Running nanopore analysis with the most recent container(s?) causes articNcovNanopore:sequenceAnalysisMedaka:articMinIONMedaka to crash. When it worked we used muscle v3.8, recently an unknown update has upgraded muscle to v5.1. In 5.1 the syntax is different and the -in and -out flag has changed names to -align and -output. Further the developers refers to v5 as a "major re-write", therefore it could be risky to use this version.

Me and @talnor have failed to identify which recent dependency upgrade that causes muscle to be upgraded. I suggest we just add muscle=3.8 to the .yml file to make sure analysis wont get stuck on:

Invalid command line
Unknown option in

Standard test procedure

This version is a:

JD2112 commented 2 years ago

Great!
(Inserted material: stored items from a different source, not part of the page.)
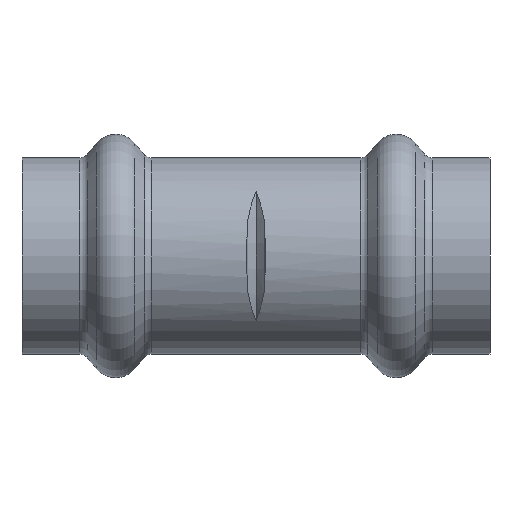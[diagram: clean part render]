
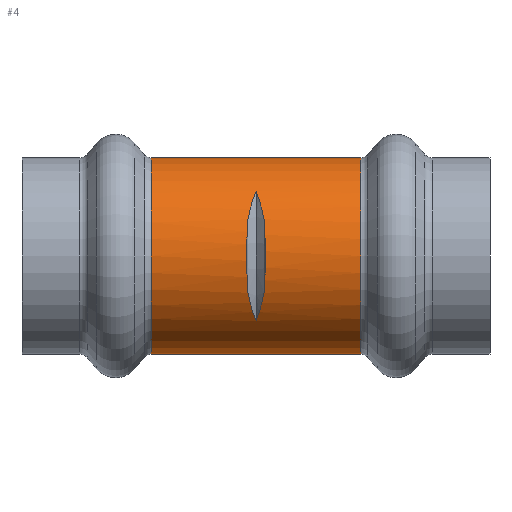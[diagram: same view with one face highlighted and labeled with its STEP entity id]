
A CAD part, front view. The second image highlights one B-rep face of the part: STEP entity #4.
In plain terms, the highlighted cylindrical face has radius 10.5 mm (diameter 21 mm), a partial arc.
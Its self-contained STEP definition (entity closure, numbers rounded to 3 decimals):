
#4 = ADVANCED_FACE ( 'NONE', ( #479, #1253 ), #421, .T. ) ;
#14 = CARTESIAN_POINT ( 'NONE',  ( 0.985, -10.419, 1.346 ) ) ;
#39 = CARTESIAN_POINT ( 'NONE',  ( 0.997, -10.484, 0.677 ) ) ;
#46 = CARTESIAN_POINT ( 'NONE',  ( 0.976, -10.371, 1.677 ) ) ;
#54 = VERTEX_POINT ( 'NONE', #1245 ) ;
#72 = CARTESIAN_POINT ( 'NONE',  ( 0., -7.886, -6.933 ) ) ;
#117 = CARTESIAN_POINT ( 'NONE',  ( 0., -7.886, -6.933 ) ) ;
#129 = CARTESIAN_POINT ( 'NONE',  ( 0.756, -9.512, -4.488 ) ) ;
#158 = ORIENTED_EDGE ( 'NONE', *, *, #562, .T. ) ;
#175 = VECTOR ( 'NONE', #527, 1000. ) ;
#185 = VERTEX_POINT ( 'NONE', #928 ) ;
#191 = B_SPLINE_CURVE_WITH_KNOTS ( 'NONE', 3,
 ( #1390, #1152, #312, #685, #441, #2060 ),
 .UNSPECIFIED., .F., .F.,
 ( 4, 2, 4 ),
 ( 0., 0.002, 0.004 ),
 .UNSPECIFIED. ) ;
#197 = CARTESIAN_POINT ( 'NONE',  ( 1., -10.5, 0.337 ) ) ;
#200 = VERTEX_POINT ( 'NONE', #584 ) ;
#208 = CARTESIAN_POINT ( 'NONE',  ( 1., -10.5, -0.67 ) ) ;
#216 = ORIENTED_EDGE ( 'NONE', *, *, #1432, .F. ) ;
#251 = AXIS2_PLACEMENT_3D ( 'NONE', #1035, #943, #1056 ) ;
#279 = EDGE_LOOP ( 'NONE', ( #216, #158, #1045, #1757 ) ) ;
#306 = B_SPLINE_CURVE_WITH_KNOTS ( 'NONE', 3,
 ( #1893, #1049, #1108, #1163, #1209, #1254 ),
 .UNSPECIFIED., .F., .F.,
 ( 4, 2, 4 ),
 ( 0., 0.002, 0.004 ),
 .UNSPECIFIED. ) ;
#312 = CARTESIAN_POINT ( 'NONE',  ( 0.347, -8.622, 6.021 ) ) ;
#348 = DIRECTION ( 'NONE',  ( -1., 0., 0. ) ) ;
#384 = CARTESIAN_POINT ( 'NONE',  ( 0.988, -10.436, -1.334 ) ) ;
#390 = CARTESIAN_POINT ( 'NONE',  ( 0.941, -10.183, -2.647 ) ) ;
#394 = DIRECTION ( 'NONE',  ( -1., 0., 0. ) ) ;
#410 = CARTESIAN_POINT ( 'NONE',  ( -0.906, -9.991, -3.299 ) ) ;
#415 = DIRECTION ( 'NONE',  ( 0., 0., 1. ) ) ;
#421 = CYLINDRICAL_SURFACE ( 'NONE', #1143, 10.5 ) ;
#431 = CARTESIAN_POINT ( 'NONE',  ( -16.83, 0., 0. ) ) ;
#441 = CARTESIAN_POINT ( 'NONE',  ( 0.756, -9.512, 4.488 ) ) ;
#470 = EDGE_CURVE ( 'NONE', #1352, #1903, #1244, .T. ) ;
#479 = FACE_OUTER_BOUND ( 'NONE', #279, .T. ) ;
#482 = ORIENTED_EDGE ( 'NONE', *, *, #1169, .T. ) ;
#494 = CARTESIAN_POINT ( 'NONE',  ( -0.859, -9.739, -3.925 ) ) ;
#500 = CARTESIAN_POINT ( 'NONE',  ( 0.859, -9.739, -3.925 ) ) ;
#527 = DIRECTION ( 'NONE',  ( -1., 0., 0. ) ) ;
#537 = ORIENTED_EDGE ( 'NONE', *, *, #1415, .T. ) ;
#558 = EDGE_LOOP ( 'NONE', ( #997, #537, #1718, #942, #482, #2079 ) ) ;
#562 = EDGE_CURVE ( 'NONE', #200, #901, #1373, .T. ) ;
#573 = CARTESIAN_POINT ( 'NONE',  ( 0.906, -9.991, -3.299 ) ) ;
#580 = CARTESIAN_POINT ( 'NONE',  ( 0.859, -9.739, -3.925 ) ) ;
#582 = CARTESIAN_POINT ( 'NONE',  ( -16.83, 0., 10.5 ) ) ;
#584 = CARTESIAN_POINT ( 'NONE',  ( 11.189, 0., -10.5 ) ) ;
#653 = CARTESIAN_POINT ( 'NONE',  ( 0.347, -8.622, -6.021 ) ) ;
#676 = CARTESIAN_POINT ( 'NONE',  ( -0.184, -8.273, -6.492 ) ) ;
#685 = CARTESIAN_POINT ( 'NONE',  ( 0.633, -9.241, 5.019 ) ) ;
#692 = CARTESIAN_POINT ( 'NONE',  ( -0.941, -10.18, -2.659 ) ) ;
#700 = CARTESIAN_POINT ( 'NONE',  ( -0.976, -10.371, -1.677 ) ) ;
#710 = CARTESIAN_POINT ( 'NONE',  ( -0.985, -10.419, -1.346 ) ) ;
#715 = CARTESIAN_POINT ( 'NONE',  ( -0.997, -10.484, -0.677 ) ) ;
#723 = CARTESIAN_POINT ( 'NONE',  ( -1., -10.5, -0.337 ) ) ;
#728 = CARTESIAN_POINT ( 'NONE',  ( -1., -10.5, 0.67 ) ) ;
#755 = EDGE_CURVE ( 'NONE', #901, #1413, #1061, .T. ) ;
#764 = CARTESIAN_POINT ( 'NONE',  ( -0.988, -10.436, 1.334 ) ) ;
#770 = EDGE_CURVE ( 'NONE', #1903, #185, #2046, .T. ) ;
#775 = CARTESIAN_POINT ( 'NONE',  ( -0.941, -10.183, 2.647 ) ) ;
#781 = CARTESIAN_POINT ( 'NONE',  ( -0.906, -9.991, 3.299 ) ) ;
#791 = CARTESIAN_POINT ( 'NONE',  ( -0.859, -9.739, 3.925 ) ) ;
#809 = CIRCLE ( 'NONE', #251, 10.5 ) ;
#844 = CARTESIAN_POINT ( 'NONE',  ( 0.184, -8.273, -6.492 ) ) ;
#851 = CARTESIAN_POINT ( 'NONE',  ( 0., -7.886, -6.933 ) ) ;
#901 = VERTEX_POINT ( 'NONE', #1185 ) ;
#928 = CARTESIAN_POINT ( 'NONE',  ( -0.859, -9.739, 3.925 ) ) ;
#933 = CARTESIAN_POINT ( 'NONE',  ( -11.189, 0., -10.5 ) ) ;
#936 = CARTESIAN_POINT ( 'NONE',  ( 0., -7.886, 6.933 ) ) ;
#942 = ORIENTED_EDGE ( 'NONE', *, *, #770, .T. ) ;
#943 = DIRECTION ( 'NONE',  ( 1., 0., 0. ) ) ;
#982 = LINE ( 'NONE', #1595, #1705 ) ;
#997 = ORIENTED_EDGE ( 'NONE', *, *, #1820, .T. ) ;
#1007 = CARTESIAN_POINT ( 'NONE',  ( -0.633, -9.241, -5.019 ) ) ;
#1035 = CARTESIAN_POINT ( 'NONE',  ( -11.189, 0., 0. ) ) ;
#1045 = ORIENTED_EDGE ( 'NONE', *, *, #755, .T. ) ;
#1049 = CARTESIAN_POINT ( 'NONE',  ( -0.756, -9.512, 4.488 ) ) ;
#1056 = DIRECTION ( 'NONE',  ( 0., 0., -1. ) ) ;
#1061 = LINE ( 'NONE', #582, #175 ) ;
#1108 = CARTESIAN_POINT ( 'NONE',  ( -0.633, -9.241, 5.019 ) ) ;
#1130 = VERTEX_POINT ( 'NONE', #936 ) ;
#1137 = EDGE_CURVE ( 'NONE', #1413, #1974, #809, .T. ) ;
#1143 = AXIS2_PLACEMENT_3D ( 'NONE', #431, #394, #415 ) ;
#1152 = CARTESIAN_POINT ( 'NONE',  ( 0.184, -8.273, 6.492 ) ) ;
#1154 = CARTESIAN_POINT ( 'NONE',  ( -0.859, -9.739, -3.925 ) ) ;
#1163 = CARTESIAN_POINT ( 'NONE',  ( -0.347, -8.622, 6.021 ) ) ;
#1169 = EDGE_CURVE ( 'NONE', #185, #1130, #306, .T. ) ;
#1185 = CARTESIAN_POINT ( 'NONE',  ( 11.189, 0., 10.5 ) ) ;
#1209 = CARTESIAN_POINT ( 'NONE',  ( -0.184, -8.273, 6.492 ) ) ;
#1244 = B_SPLINE_CURVE_WITH_KNOTS ( 'NONE', 3,
 ( #851, #676, #1570, #1007, #2040, #1154 ),
 .UNSPECIFIED., .F., .F.,
 ( 4, 2, 4 ),
 ( 0., 0.002, 0.004 ),
 .UNSPECIFIED. ) ;
#1245 = CARTESIAN_POINT ( 'NONE',  ( 0.859, -9.739, -3.925 ) ) ;
#1253 = FACE_BOUND ( 'NONE', #558, .T. ) ;
#1254 = CARTESIAN_POINT ( 'NONE',  ( 0., -7.886, 6.933 ) ) ;
#1329 = CARTESIAN_POINT ( 'NONE',  ( 11.189, 0., 0. ) ) ;
#1334 = VERTEX_POINT ( 'NONE', #1747 ) ;
#1352 = VERTEX_POINT ( 'NONE', #117 ) ;
#1365 = EDGE_CURVE ( 'NONE', #1130, #1334, #191, .T. ) ;
#1367 = CARTESIAN_POINT ( 'NONE',  ( 0.941, -10.18, 2.659 ) ) ;
#1373 = CIRCLE ( 'NONE', #1744, 10.5 ) ;
#1390 = CARTESIAN_POINT ( 'NONE',  ( 0., -7.886, 6.933 ) ) ;
#1413 = VERTEX_POINT ( 'NONE', #1902 ) ;
#1415 = EDGE_CURVE ( 'NONE', #54, #1352, #1638, .T. ) ;
#1432 = EDGE_CURVE ( 'NONE', #200, #1974, #982, .T. ) ;
#1472 = DIRECTION ( 'NONE',  ( 0., 0., 1. ) ) ;
#1570 = CARTESIAN_POINT ( 'NONE',  ( -0.347, -8.622, -6.021 ) ) ;
#1581 = CARTESIAN_POINT ( 'NONE',  ( -0.859, -9.739, -3.925 ) ) ;
#1595 = CARTESIAN_POINT ( 'NONE',  ( -16.83, 0., -10.5 ) ) ;
#1638 = B_SPLINE_CURVE_WITH_KNOTS ( 'NONE', 3,
 ( #500, #129, #1727, #653, #844, #72 ),
 .UNSPECIFIED., .F., .F.,
 ( 4, 2, 4 ),
 ( 0., 0.002, 0.004 ),
 .UNSPECIFIED. ) ;
#1697 = CARTESIAN_POINT ( 'NONE',  ( 0.859, -9.739, 3.925 ) ) ;
#1703 = DIRECTION ( 'NONE',  ( -1., 0., 0. ) ) ;
#1705 = VECTOR ( 'NONE', #1703, 1000. ) ;
#1718 = ORIENTED_EDGE ( 'NONE', *, *, #470, .T. ) ;
#1727 = CARTESIAN_POINT ( 'NONE',  ( 0.633, -9.241, -5.019 ) ) ;
#1744 = AXIS2_PLACEMENT_3D ( 'NONE', #1329, #348, #1472 ) ;
#1747 = CARTESIAN_POINT ( 'NONE',  ( 0.859, -9.739, 3.925 ) ) ;
#1757 = ORIENTED_EDGE ( 'NONE', *, *, #1137, .T. ) ;
#1820 = EDGE_CURVE ( 'NONE', #1334, #54, #1953, .T. ) ;
#1840 = CARTESIAN_POINT ( 'NONE',  ( 0.906, -9.991, 3.299 ) ) ;
#1893 = CARTESIAN_POINT ( 'NONE',  ( -0.859, -9.739, 3.925 ) ) ;
#1902 = CARTESIAN_POINT ( 'NONE',  ( -11.189, 0., 10.5 ) ) ;
#1903 = VERTEX_POINT ( 'NONE', #1581 ) ;
#1953 = B_SPLINE_CURVE_WITH_KNOTS ( 'NONE', 3,
 ( #1697, #1840, #1367, #46, #14, #39, #197, #208, #384, #390, #573, #580 ),
 .UNSPECIFIED., .F., .F.,
 ( 4, 2, 2, 2, 2, 4 ),
 ( 0., 0.002, 0.003, 0.004, 0.006, 0.008 ),
 .UNSPECIFIED. ) ;
#1974 = VERTEX_POINT ( 'NONE', #933 ) ;
#2040 = CARTESIAN_POINT ( 'NONE',  ( -0.756, -9.512, -4.488 ) ) ;
#2046 = B_SPLINE_CURVE_WITH_KNOTS ( 'NONE', 3,
 ( #494, #410, #692, #700, #710, #715, #723, #728, #764, #775, #781, #791 ),
 .UNSPECIFIED., .F., .F.,
 ( 4, 2, 2, 2, 2, 4 ),
 ( 0., 0.002, 0.003, 0.004, 0.006, 0.008 ),
 .UNSPECIFIED. ) ;
#2060 = CARTESIAN_POINT ( 'NONE',  ( 0.859, -9.739, 3.925 ) ) ;
#2079 = ORIENTED_EDGE ( 'NONE', *, *, #1365, .T. ) ;

Thanks for the info. :) I had the same issue on Tuesday with articNcovNanopore:sequenceAnalysisNanopolish:articMinIONNanopolish. It showed Running: muscle -in 20200311_1427_X1_FAK72834_a3787181_barcode09.muscle.in.fasta -out 20200311_1427_X1_FAK72834_a3787181_barcode09.muscle.out.fasta Command failed:muscle -in 20200311_1427_X1_FAK72834_a3787181_barcode09.muscle.in.fasta -out 20200311_1427_X1_FAK72834_a3787181_barcode09.muscle.out.fasta

I already updated muscle=3.8 in the nanopore yml file (primer-scheme branch; on reply issues #46) which is not merged yet!

Please feel free to merge whenever you have time.